I am thinking about spicing up our sex life. Lately it has been ok when I get it about 3 times a week. My husband is turning 40 next week. I am 25 so I want it like all the time he barely can make it 3 times a week. So two nights ago we had sex afterwards I went to bed and he stayed up. I felt him come to bed around six in the morning. We snuggled the hour before I had to get up. When I got up dressed and ready. And walked out into the living room his computer was on. I was annoyed because our electric and has bill is already too high. So when I went to turn it off the screen saver came up on YouTube and it looked as if my husbands last search was threesomes. Because all these videos were on the screen already. First I was confused because I thought YouTube didn't show porn. Then I was pissed because we had sex less than 6 hours ago. I completely forgot about it by the time my husband came home at 11:30 at night. He said he was too tired for sex tonight. I said fine and took care of it myself. I went to bed and had an amazing hot sex dream. Involving myself and husband and another. Women. When I woke up I was so in the mood but my husband. Was dead to the world asleep. I tried to wake him
Up but he couldn't get up. I keep thinking about the dream. I have looked at previous posts on here about threesome but mostly I am getting the idea it is not a good IDea to enter the marriage So has anyone had a good experience


----------



## phantomfan (Mar 7, 2012)

I don't know of one that worked out. Not saying you can't but I'd avoid that in a committed relationship like the plague. It opens a can of worms that inevitably leads to other problems. I'd consider the role playing route, toys and props. There are ways to simulate some of those kinds of activities. If you love him and want to stay married, i wouldn't.
_Posted via Mobile Device_


----------



## Shaggy (Jul 17, 2011)

At 40 he should be up for more than that amount. Does he exercise and eat well ? 

I'd avoid bringing anyone else into the marriage bed, it screws up more than it can help.
_Posted via Mobile Device_


----------



## LadyFrog (Feb 27, 2012)

I think most everyone has fantasized about it at some point or another, but it is probably best left to fantasy.

There's lots of other ways to spice things up that aren't so emotionally or physically risky.


----------



## hnp (Mar 8, 2012)

Shaggy said:


> At 40 he should be up for more than that amount. Does he exercise and eat well ?
> 
> I'd avoid bringing anyone else into the marriage bed, it screws up more than it can help.
> _Posted via Mobile Device_


My husband is very very lazy and contempt with our marriage. He could go for days. With out sex. Our sex life has been very vanilla for the past 18 months. I have tried to spice it up. I have dyed my hair. Given him bjs even after he has been inside me. I have even given him anal a few times. 
He still never initiates sex. He never kisses. He hasn't gone down on me on months. I figured if this didn't spice it up nothing will


----------



## Shaggy (Jul 17, 2011)

The problem a threesome requires a third PERSON not just a sex toy.

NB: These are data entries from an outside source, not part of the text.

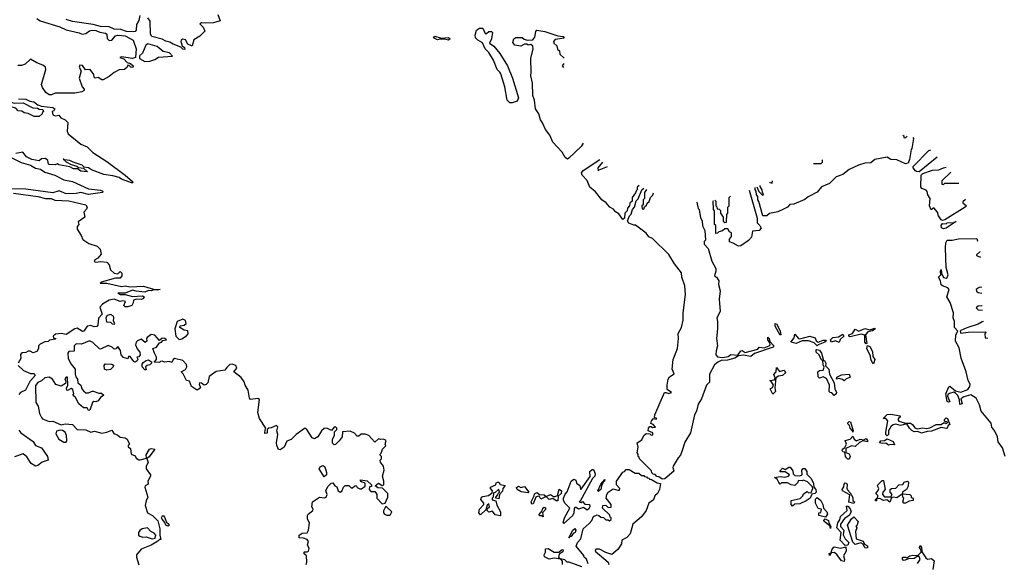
# Model space of a CAD drawing. Extents: x 2106670 to 2323771, y 35271 to 224896.
# Tile 413 of 419: x 2301086 to 2309099, y 183983 to 188402. Entities that reach past the tile are written whole.
import ezdxf

# ---------------------------------------------------------------- set-up
doc = ezdxf.new("R2010")
doc.units = 0

msp = doc.modelspace()

# ---------------------------------------------------------------- linework, layer by layer
at = {"layer": '0CON20XD'}
for points in [[(2301225, 188410), (2301252.4, 188392.4), (2301413.4, 188343.4), (2301465, 188320), (2301570, 188295), (2301595, 188283.8), (2301625, 188290), (2301655, 188311.9), (2301675, 188316.5), (2301705, 188314.5), (2301739.3, 188299.3), (2301785, 188292.9), (2301795.8, 188285), (2301799.2, 188249.2), (2301815, 188231.2), (2301835, 188236.2), (2301865, 188270.8), (2301885, 188276.5), (2301945, 188269.5), (2302008.6, 188235), (2302033.3, 188165), (2302030, 188095), (2302005, 188086.7), (2301915, 188100), (2301900, 188095), (2301935, 188082.5), (2301961.7, 188051.7), (2301987.5, 188045), (2302010, 188025), (2302010, 188015), (2301993.6, 188013.6), (2301978.3, 188028.3), (2301965, 188030), (2301960, 188015), (2301940, 187995), (2301895, 187992.5), (2301855, 187972.5), (2301815, 187940), (2301765, 187912.5), (2301755, 187912.5), (2301725, 187930), (2301700, 187925), (2301693, 187933), (2301690, 187955), (2301660, 187995), (2301623, 187993), (2301598.3, 188028.3), (2301575, 188030), (2301570, 188015), (2301587.5, 187985), (2301570, 187925), (2301595.8, 187855), (2301610, 187835), (2301610, 187825), (2301592.5, 187815), (2301534.1, 187804.1), (2301375, 187803.8), (2301345, 187790), (2301325, 187790.8), (2301298.3, 187808.3), (2301270.8, 187850.8), (2301263.3, 187875), (2301300, 187995), (2301296.1, 188016.1), (2301275, 188032.5), (2301225, 188050), (2301175, 188080), (2301131.7, 188038.3), (2301101.7, 188028.3), (2301071.7, 188028.3)], [(2302064.4, 188435.6), (2302055.5, 188395), (2302038, 188362), (2302033.1, 188315), (2302025.4, 188304.6), (2302015, 188302.7), (2301955, 188305.5), (2301910.5, 188320.5), (2301855, 188325.6), (2301813.1, 188343.1), (2301745, 188347.3), (2301685, 188363.5), (2301515, 188385.6), (2301465, 188402.5)], [(2302700, 188445), (2302718.3, 188391.7), (2302663.6, 188376.4), (2302595, 188372.5), (2302567, 188377), (2302551.7, 188368.3), (2302580, 188340), (2302591.7, 188308.3), (2302553, 188267), (2302503.6, 188236.4), (2302490, 188190), (2302485, 188187.5), (2302453.6, 188203.6), (2302435, 188237.5), (2302415, 188242.5), (2302400, 188235), (2302397.5, 188225), (2302408.3, 188188.3), (2302426.4, 188176.4), (2302430, 188160), (2302415, 188162.5), (2302397.5, 188177.5), (2302335, 188202), (2302309.1, 188219.1), (2302275, 188226), (2302245, 188244.3), (2302161.2, 188265), (2302150.8, 188285), (2302149.1, 188389.1), (2302127.8, 188417.8)], [(2305095, 187724), (2305074.4, 187724.4), (2305054, 187745), (2305034.3, 187854.3), (2305000.3, 187960.3), (2304994.4, 187974.4), (2304972, 187995), (2304942.5, 188072.5), (2304903.4, 188133.4), (2304874.2, 188165), (2304853.3, 188213.3), (2304815, 188234.2), (2304796, 188255), (2304794, 188276), (2304803.6, 188316.4), (2304827, 188333), (2304855, 188333.3), (2304875, 188290), (2304885, 188290), (2304905, 188305.8), (2304925, 188305.8), (2304935, 188297.5), (2304926.2, 188245), (2304910.4, 188210.5), (2304945.5, 188185.6), (2304994, 188125), (2305055.7, 188025), (2305095.5, 187925.5), (2305144.3, 187765), (2305135, 187738.8), (2305095, 187724)], [(2305670.4, 187396.1), (2305655, 187370), (2305555, 187273.3), (2305545, 187266.7), (2305525, 187280), (2305501.8, 187321.8), (2305425.8, 187405), (2305401.4, 187461.4), (2305365, 187506.2), (2305341.7, 187561.7), (2305324.5, 187585), (2305311.4, 187635), (2305283.3, 187675), (2305275.8, 187745), (2305262.2, 187785), (2305260, 187885), (2305244.5, 187945), (2305248.6, 187975), (2305244.6, 188085), (2305264, 188165), (2305261.2, 188185), (2305245, 188200), (2305225, 188193.3), (2305213.3, 188203.3), (2305195, 188201.2), (2305165, 188186.2), (2305115, 188194.3), (2305099.2, 188215), (2305107.5, 188245), (2305125, 188255.5), (2305175, 188255.8), (2305191.7, 188241.7), (2305215, 188235.7), (2305262, 188238), (2305279.6, 188260.5), (2305286.2, 188305), (2305295, 188316.2), (2305360, 188305), (2305465, 188270), (2305510, 188265), (2305518.3, 188251.7), (2305445, 188240), (2305430, 188225), (2305431.7, 188211.7), (2305458.3, 188188.3), (2305461.7, 188161.7), (2305478.3, 188148.3), (2305481.7, 188121.7), (2305517.1, 188087.8)], [(2304575, 188234), (2304543.9, 188243.9), (2304506.2, 188243.8), (2304485, 188236.7), (2304452.5, 188255), (2304465, 188266.7), (2304515, 188250), (2304575, 188256), (2304590, 188245), (2304575, 188234)], [(2302105, 188062.5), (2302145, 188063.3), (2302185, 188076.7), (2302215, 188096.2), (2302330, 188105), (2302305, 188132.5), (2302255, 188142), (2302205, 188182), (2302130, 188205), (2302113.3, 188195), (2302085, 188130), (2302061.7, 188108.3), (2302060, 188085), (2302105, 188062.5)], [(2305513.5, 188045.3), (2305500, 188025), (2305512.9, 188012.1)], [(2301245, 187612.5), (2301203.6, 187613.6), (2301155, 187637.5), (2301123, 187643), (2301105, 187657.5), (2301075, 187660), (2301055, 187682.5), (2301013, 187693), (2300985, 187707.5), (2300977.5, 187725), (2301005, 187733.8), (2301045, 187721.2), (2301115, 187724), (2301193, 187683), (2301231.7, 187681.7), (2301245, 187672.5), (2301275, 187670), (2301280, 187655), (2301271.7, 187648.3), (2301270, 187635), (2301245, 187612.5)], [(2301077.7, 187757.7), (2301135, 187753.8), (2301167.7, 187737.7), (2301201.7, 187731.7), (2301235, 187707.5), (2301265, 187697.5), (2301355, 187685.8), (2301372.5, 187675), (2301365, 187660), (2301350, 187655), (2301357, 187627), (2301375, 187620), (2301405, 187623.3), (2301422, 187602), (2301457.5, 187585), (2301478.8, 187565), (2301472, 187495), (2301481.7, 187471.7), (2301585, 187389.2), (2301635, 187366.2), (2301680.9, 187320.9), (2301795, 187247.1), (2301945.3, 187135.3), (2302003.3, 187085), (2302006.4, 187073.6), (2301995, 187074), (2301915, 187104), (2301895, 187118), (2301845, 187130)], [(2308353.3, 187441.7), (2308360, 187435), (2308346.4, 187353.6), (2308340, 187345), (2308326.4, 187263.6), (2308315.8, 187234.2), (2308295, 187228.8), (2308225, 187260), (2308175, 187263.8), (2308145, 187282), (2308045.7, 187264.3), (2308013.9, 187236.1), (2307965, 187234.2), (2307912.7, 187217.3), (2307835, 187181.2), (2307785, 187141.2), (2307729.2, 187120.8), (2307675, 187068), (2307610.3, 187039.7), (2307575, 186996.2), (2307501.7, 186958.3), (2307475, 186936.2), (2307385, 186900.8), (2307353, 186897), (2307333.3, 186875), (2307297.5, 186855), (2307255, 186836.2), (2307187, 186823), (2307165, 186803.3), (2307133.3, 186805), (2307101.7, 186921.7), (2307093.3, 186935), (2307091.7, 186961.7), (2307082.5, 186975), (2307080, 187005), (2307072.5, 187015), (2307072.1, 187034.3)], [(2308274.3, 187460.7), (2308280, 187455), (2308281.7, 187441.7), (2308295, 187440), (2308300, 187445), (2308309.1, 187454.1)], [(2308552.6, 187281.4), (2308405, 187163.8), (2308385, 187164.2), (2308375, 187172), (2308356.7, 187195), (2308357.5, 187205), (2308485, 187337.5), (2308495, 187340), (2308496.8, 187341.8)], [(2301006.7, 187285), (2301099.4, 187239.4), (2301175, 187216), (2301215, 187192), (2301255, 187184.2), (2301290.4, 187160.5), (2301372.5, 187135), (2301445, 187096.7), (2301515, 187082.9), (2301645.6, 187025.6), (2301745, 187013.3), (2301762.5, 187005), (2301760, 186995), (2301683, 186983), (2301645, 186978.1), (2301585, 186994), (2301545, 186986), (2301465, 186984.5), (2301407, 187007), (2301355, 186992.1), (2301135, 187020.7), (2300985, 187024.4)], [(2301845, 187130), (2301772, 187142), (2301670.3, 187180.3), (2301647.5, 187195), (2301610.7, 187200.7), (2301595, 187216), (2301520.4, 187240.5), (2301495, 187256), (2301450, 187260), (2301445, 187266.7), (2301440, 187265), (2301463.9, 187243.9), (2301505, 187222.5), (2301550, 187210), (2301565, 187197.5), (2301605, 187192.5), (2301637.5, 187162.5), (2301585, 187168.8), (2301557, 187187), (2301525, 187188), (2301493.8, 187203.8), (2301405, 187220), (2301395, 187227.5), (2301375, 187220), (2301325, 187223.3), (2301320, 187225), (2301314, 187255), (2301295, 187270.8), (2301265, 187268.8), (2301245, 187251.2), (2301185, 187264.3), (2301141.2, 187285), (2301112.3, 187322.3), (2301055, 187311.1)], [(2306127.3, 187052.6), (2306111.7, 187038.3), (2306110, 187015), (2306101.7, 187008.3), (2306098.3, 186991.7), (2306070, 186955), (2306070, 186925), (2306051.7, 186908.3), (2306050, 186885), (2306031.7, 186868.3), (2306030, 186845), (2306010, 186825), (2306007.5, 186785), (2305995, 186774.2), (2305961.2, 186821.2), (2305935, 186836), (2305919.1, 186859.1), (2305888.8, 186875), (2305859.6, 186909.6), (2305824.6, 186935), (2305770.8, 187000.8), (2305725, 187039.2), (2305703.2, 187093.2), (2305664.5, 187135), (2305657.5, 187155), (2305672.5, 187175), (2305806.7, 187262.8)], [(2307545.5, 187230.2), (2307608.3, 187231.7), (2307618.3, 187241.7), (2307620, 187255), (2307614.4, 187260.6)], [(2305830, 187241.6), (2305790, 187195), (2305795, 187170), (2305801.7, 187178.3), (2305871, 187206.9)], [(2308783.8, 186937.2), (2308761.7, 186918.3), (2308761.7, 186911.7), (2308790, 186885), (2308780, 186875), (2308615, 186773.3), (2308595, 186767.5), (2308585, 186773.3), (2308564.2, 186805), (2308554.5, 186834.4), (2308525, 186870), (2308503.3, 186853.3), (2308490, 186885), (2308494.2, 186945), (2308476.2, 186975), (2308471.7, 187001.7), (2308462.5, 187012.5), (2308427, 187027), (2308420, 187040), (2308421.2, 187135), (2308435, 187150), (2308515, 187176.7), (2308565, 187180), (2308603.6, 187196.4), (2308626.7, 187200.8)], [(2308663.9, 187159.6), (2308591.7, 187088.3), (2308591.7, 187061.7), (2308605, 187060), (2308615, 187070), (2308728.3, 187070)], [(2306596.6, 186916), (2306607.5, 186865), (2306616.2, 186855), (2306627.5, 186787.5), (2306640, 186765), (2306642, 186722), (2306661.2, 186685), (2306666.1, 186606.1), (2306657.5, 186595), (2306657.5, 186575), (2306689.1, 186539.1), (2306720, 186435), (2306750, 186375), (2306752, 186355), (2306740, 186315), (2306756.7, 186305), (2306776, 186275), (2306773.3, 186245), (2306785.6, 186195), (2306777.8, 186125), (2306785.5, 186024.5), (2306758.8, 185975), (2306765.6, 185945), (2306765.5, 185885), (2306756.5, 185805), (2306765.5, 185745), (2306753.1, 185705), (2306752.5, 185672.5), (2306765.5, 185655.5), (2306808.3, 185651.7), (2306850.8, 185659.2), (2306873.3, 185676.7), (2306929.3, 185670.7), (2306955, 185706.2), (2306965, 185708.8), (2306990.8, 185690.8), (2307092, 185718), (2307105, 185736.2), (2307145, 185730.8), (2307183.9, 185746.1), (2307192.5, 185755), (2307191.7, 185771.7), (2307174, 185795), (2307175, 185816.2), (2307186.2, 185805), (2307190, 185780), (2307222.5, 185745), (2307217.5, 185735), (2307065.5, 185684.5), (2307035, 185660), (2306975, 185670.8), (2306935.8, 185664.2), (2306905, 185646), (2306845, 185629.4), (2306795, 185627.5), (2306766.2, 185613.8), (2306740, 185590), (2306700.6, 185515), (2306699.6, 185450.5), (2306675.8, 185425), (2306635.5, 185315), (2306607.6, 185272.4), (2306595, 185213.3), (2306576.7, 185183.3), (2306545, 185037.5), (2306499.7, 184960.3), (2306476, 184895), (2306464, 184855), (2306445.4, 184834.6), (2306404.2, 184765), (2306401.4, 184755), (2306410, 184725), (2306335, 184663.8), (2306315, 184660), (2306288.3, 184678.3), (2306271.7, 184681.7), (2306258.3, 184698.3), (2306241.7, 184701.7), (2306231.7, 184711.7), (2306228.3, 184728.3), (2306130, 184825), (2306128.3, 184838.3), (2306120, 184845), (2306120, 184865), (2306110, 184875), (2306118.8, 184921.2), (2306111.2, 184955), (2306148, 184982), (2306166.2, 185015), (2306185, 185032.5), (2306215, 185030), (2306225, 185020), (2306238.3, 185021.7), (2306238.3, 185038.3), (2306200, 185055), (2306203.3, 185075), (2306215, 185090), (2306225, 185090), (2306235, 185080), (2306260, 185085), (2306240, 185105), (2306222.5, 185112.5), (2306228, 185135), (2306245, 185153.3), (2306265, 185150), (2306270, 185155), (2306253, 185163), (2306254.2, 185185), (2306334.4, 185365.6), (2306347, 185367), (2306365, 185357.5), (2306390, 185365), (2306355, 185390), (2306354, 185425), (2306364.4, 185475), (2306375, 185493.3), (2306411.7, 185518.3), (2306396.7, 185555), (2306404.3, 185635), (2306440, 185725), (2306448, 185805), (2306443.5, 185846.5), (2306472.9, 185895), (2306484.3, 185955), (2306484.5, 186015.5), (2306504.5, 186165), (2306499.4, 186235), (2306474.3, 186305), (2306471.7, 186341.7), (2306414.5, 186414.5), (2306370, 186490), (2306235, 186618.8), (2306205, 186634.2), (2306184.2, 186664.2), (2306098.3, 186728.3), (2306085, 186727.5), (2306043.3, 186745), (2306033.3, 186765), (2306050, 186805), (2306061.7, 186818.3), (2306073, 186857), (2306090, 186875), (2306103, 186927), (2306118.3, 186941.7), (2306150, 187015), (2306166.6, 187030.1)], [(2306186, 187019), (2306170, 186995), (2306170, 186945), (2306160, 186935), (2306160, 186895), (2306150, 186885), (2306151.7, 186861.7), (2306165, 186860), (2306171.7, 186878.3), (2306188.3, 186891.7), (2306191.7, 186908.3), (2306208.3, 186921.7), (2306220, 186955), (2306238.3, 186971.7), (2306245.1, 186991.1)], [(2307022.8, 187014.3), (2307086.4, 186786.4), (2307086.7, 186746.7), (2307108.8, 186725), (2307118.8, 186705), (2307105, 186684), (2307050.7, 186679.3), (2307040.4, 186629.5), (2307016.7, 186605), (2306955, 186560), (2306935, 186556.2), (2306891.7, 186581.7), (2306861.7, 186591.7), (2306862.5, 186615), (2306880, 186635), (2306880, 186665), (2306863.3, 186675), (2306848.3, 186698.3), (2306825, 186700), (2306805, 186682.5), (2306776.7, 186673.3), (2306765, 186662.5), (2306751.7, 186661.7), (2306750, 186725), (2306740, 186735), (2306740, 186845), (2306732.5, 186855), (2306730, 186925), (2306731.7, 186930.1)], [(2307086.1, 187040), (2307101.7, 187001.7), (2307135, 186970), (2307140, 186985), (2307130, 186995), (2307127, 187017), (2307112.5, 187042.5), (2307112.5, 187050.7)], [(2307187.2, 187080.9), (2307190, 187075), (2307210, 187070), (2307211.5, 187090.5)], [(2301035, 186990), (2301232.7, 186962.7), (2301296.3, 186946.3), (2301342.5, 186945), (2301371.2, 186931.2), (2301485, 186927.1), (2301623.8, 186895), (2301636, 186875), (2301630.4, 186859.5), (2301608.8, 186835), (2301616, 186795), (2301563, 186757), (2301567.5, 186735), (2301553, 186717), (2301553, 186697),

The toy you can put away when done, but another person with their own interests feelings passions etc is playing with real fire.

It also forever removes intimacy as something you share with your husband exclusively, it downgrades it forever.
_Posted via Mobile Device_


----------



## hnp (Mar 8, 2012)

LadyFrogFlyAway said:


> I think most everyone has fantasized about it at some point or another, but it is probably best left to fantasy.
> 
> There's lots of other ways to spice things up that aren't so emotionally or physically risky.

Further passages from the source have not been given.